When multiplying a whole number and a fraction, it's useful to think of the whole number as a fraction itself. This allows us to keep things simple. Imagine we're multiplying \(-15\) by \(\frac{3}{5}\). We can see this as multiplying by \(\frac{15}{1}\) instead. This sets us up to just multiply straight across.
Take the numerators from both: \(-15\) and \(3\), and multiply them together to get \(-45\). Then, do the same for the denominators: \(1\) and \(5\), which gives \(5\). This results in \(\frac{-45}{5}\). By treating \(-15\) as \(\frac{15}{1}\), tasks become more straightforward. Simple, right?
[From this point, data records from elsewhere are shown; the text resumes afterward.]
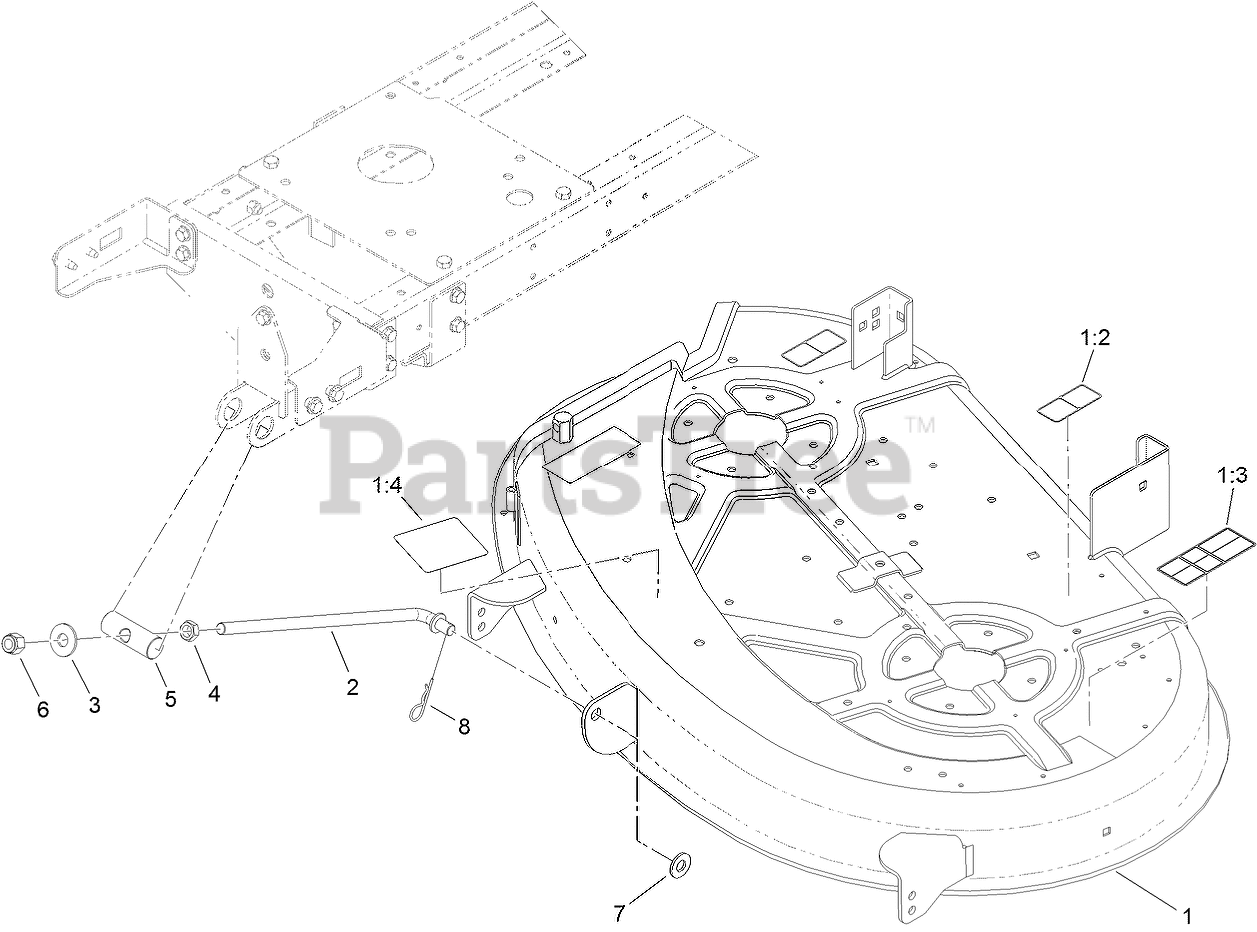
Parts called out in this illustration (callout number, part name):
1	38 INCH DECK ASM
1:2	DECAL-WARNING
1:3	DECAL-WARNING
1:4	DECAL-GUIDE, BELT
2	ROD-PIVOT
3	WASHER-FLAT
4	NUT-JAM
5	PIN-PIVOT
6	NUT-HEX
7	WASHER-THRUST
8	PIN-HAIR

• Convert whole numbers to fractions.
• Multiply numerators together.
• Multiply denominators together.
• Resulting fraction is \(\frac{-45}{5}\).

Just by taking these steps, you can easily multiply fractions with integers.

Simplification is the process of reducing a fraction to its smallest form. In our multiplication, we arrived at the fraction \(\frac{-45}{5}\). Simplifying means finding a form where the numerator and the denominator have no numbers in common other than \(1\). Here, we divide both the top and bottom by the greatest common divisor, which is the largest number that fits into both evenly.
For \(\frac{-45}{5}\), the greatest common divisor is \(5\). By dividing both by \(5\), we simplify it to \(-9\). The idea is to ensure the fraction is as condensed as possible, making calculations easier. Simplifying changes how it looks, not what it is. This means \(\frac{9}{1} = 9\), but since we have already a simplified single value here, no change is needed further.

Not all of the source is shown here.